Bitcoin pools chart
Bitcoin, the new digital currency, remains a mystery to many. There is no better way to lift the fog surrounding bitcoin than to let the data speak. And data speaks loudest through charts. Yes, topological analysis is often the best route to comprehension.
I have constructed – with my assistant, Mazin Al-Rayes – a series of charts that contain illuminating data about bitcoins and brief directions for use following each chart.
How to interpret: Currently there are 13.235 million bitcoins in circulation. The issuance of new bitcoins will halt when the total number of bitcoins “mined” (read: in circulation) reaches 21 million.
How to interpret: This chart shows the total revenue in USD of bitcoin miners (See: the formula at the bottom of the chart for the calculation). A bitcoin miner can be anyone with a computer and a connection to the internet. Miners lend their computers’ processing power to the bitcoin network and are compensated with new bitcoins. Many miners use hardware designed specifically for mining, others simply use their home computers - pooling their processing power via the internet and sharing the rewards.
How to interpret: This chart shows the estimated number of giga-hashes per second that the bitcoin network is performing. It’s clear that the processing power of the bitcoin network increased over time. The hash rate increased for a myriad of reasons: an increased number of miners, collaboration of miners in pools and hardware capacity.
How to interpret: New bitcoins are created at a predictable rate. This rate is a function of both the difficulty level of a bitcoin miner’s mathematical operation and the processing power of a miner’s hardware.
How to interpret: This chart shows the bitcoin market capitalization. This is calculated by multiplying the total number of bitcoins by the market price of a bitcoin in USD.
How to interpret: This chart shows the trade volume in USD from the largest bitcoin exchanges.
How to interpret: This chart shows the price and volatility of the bitcoin. Volatility is calculated by annualizing the standard deviation of the daily returns of the past 14 days. If the price behavior over the past 14 days remains the same for one year, the volatility charted above can be interpreted as the expected price change range (+ or -) at the end of the year.
How to interpret: Each day the volatility of bitcoins (as calculated in Chart 7) is plotted against the return on bitcoins that day. In the chart, the number of days above the 0% line is greater than the number of days below the 0% line, because the price of bitcoins has been trending upward since 1 January 2013.

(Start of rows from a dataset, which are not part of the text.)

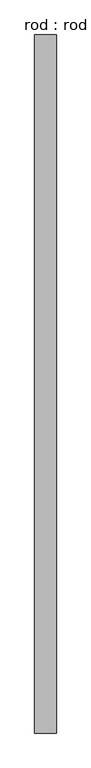
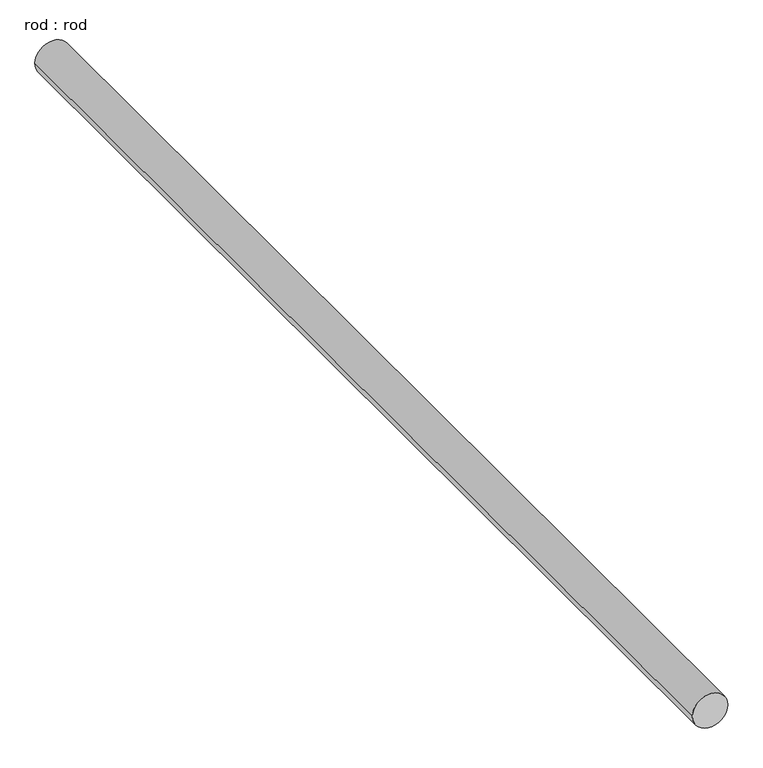
"""IFC4 building model written with IfcOpenShell, lengths in millimetres: proxy geometry, rod : rod."""

from ifc_helpers import new_model, si_unit, point, frame, frame_2d, origin, place, context, project, spatial, circle_curve, trimmed, segment, composite_curve, outline, extrude, source, transform, mapped, element, save


def rod_rod_c746abc9(model_context):
    return source(origin(), model_context, "Body", "SweptSolid", [
        extrude(outline(composite_curve([segment(trimmed(circle_curve(frame_2d((0.0108462, 0.0)), 200.0), [point((0.0108462, 200.0))], [point((0.0108462, -200.0))], False, "CARTESIAN"), True, "CONTINUOUS"), segment(trimmed(circle_curve(frame_2d((0.0108462, 0.0)), 200.0), [point((0.0108462, -200.0))], [point((0.0108462, 200.0))], False, "CARTESIAN"), True, "CONTINUOUS")], self_intersect=False)), frame((0.0, -2359.4996819, 0.0), z_axis=(0.0, 1.0, 0.0), x_axis=(0.0, 0.0, 1.0)), (0.0, 0.0, 1.0), 12904.4565945),
    ])


if __name__ == "__main__":
    model = new_model("IFC4")
    model_context = context("Model", 3, world=origin())
    ifc_project = project(units=[si_unit("LENGTHUNIT", "METRE", prefix="MILLI")], contexts=[model_context])
    site = spatial("IfcSite", under=ifc_project)
    building = spatial("IfcBuilding", under=site)
    placement = place(None, origin())
    rod_rod_shape = rod_rod_c746abc9(model_context)
    element("IfcBuildingElementProxy", 1, Name="rod : rod", ObjectType="rod : rod", at=placement, inside=building, context=model_context, shape_type="MappedRepresentation", body=[
        mapped(rod_rod_shape, transform((0.0, 0.0, 0.0), x_axis=(1.0, 0.0, 0.0), y_axis=(0.0, 1.0, 0.0), z_axis=(0.0, 0.0, 1.0))),
    ])
    save(model, "model.ifc")

# Revit data of these elements
# Type "rod : rod"
#   Default Elevation = 0

How to interpret: A simple moving average (SMA) is the average of the price over the past days. When a short-term moving average crosses over and exceeds a long-term moving average, price momentum in the market is accelerating. When a short-term moving average falls below a long-term moving average, price momentum in the market is decelerating.
How to interpret: We have chosen to measure long-term trends with 50- and 100-day simple moving averages, and short-term trends with 10- and 20-day simple moving averages. When the 50-day simple moving average is greater than the 100-day moving average, the long-term position is indicated in red. When the 10-day simple moving average is greater than the 20-day simple moving average, the short-term position is indicated in green.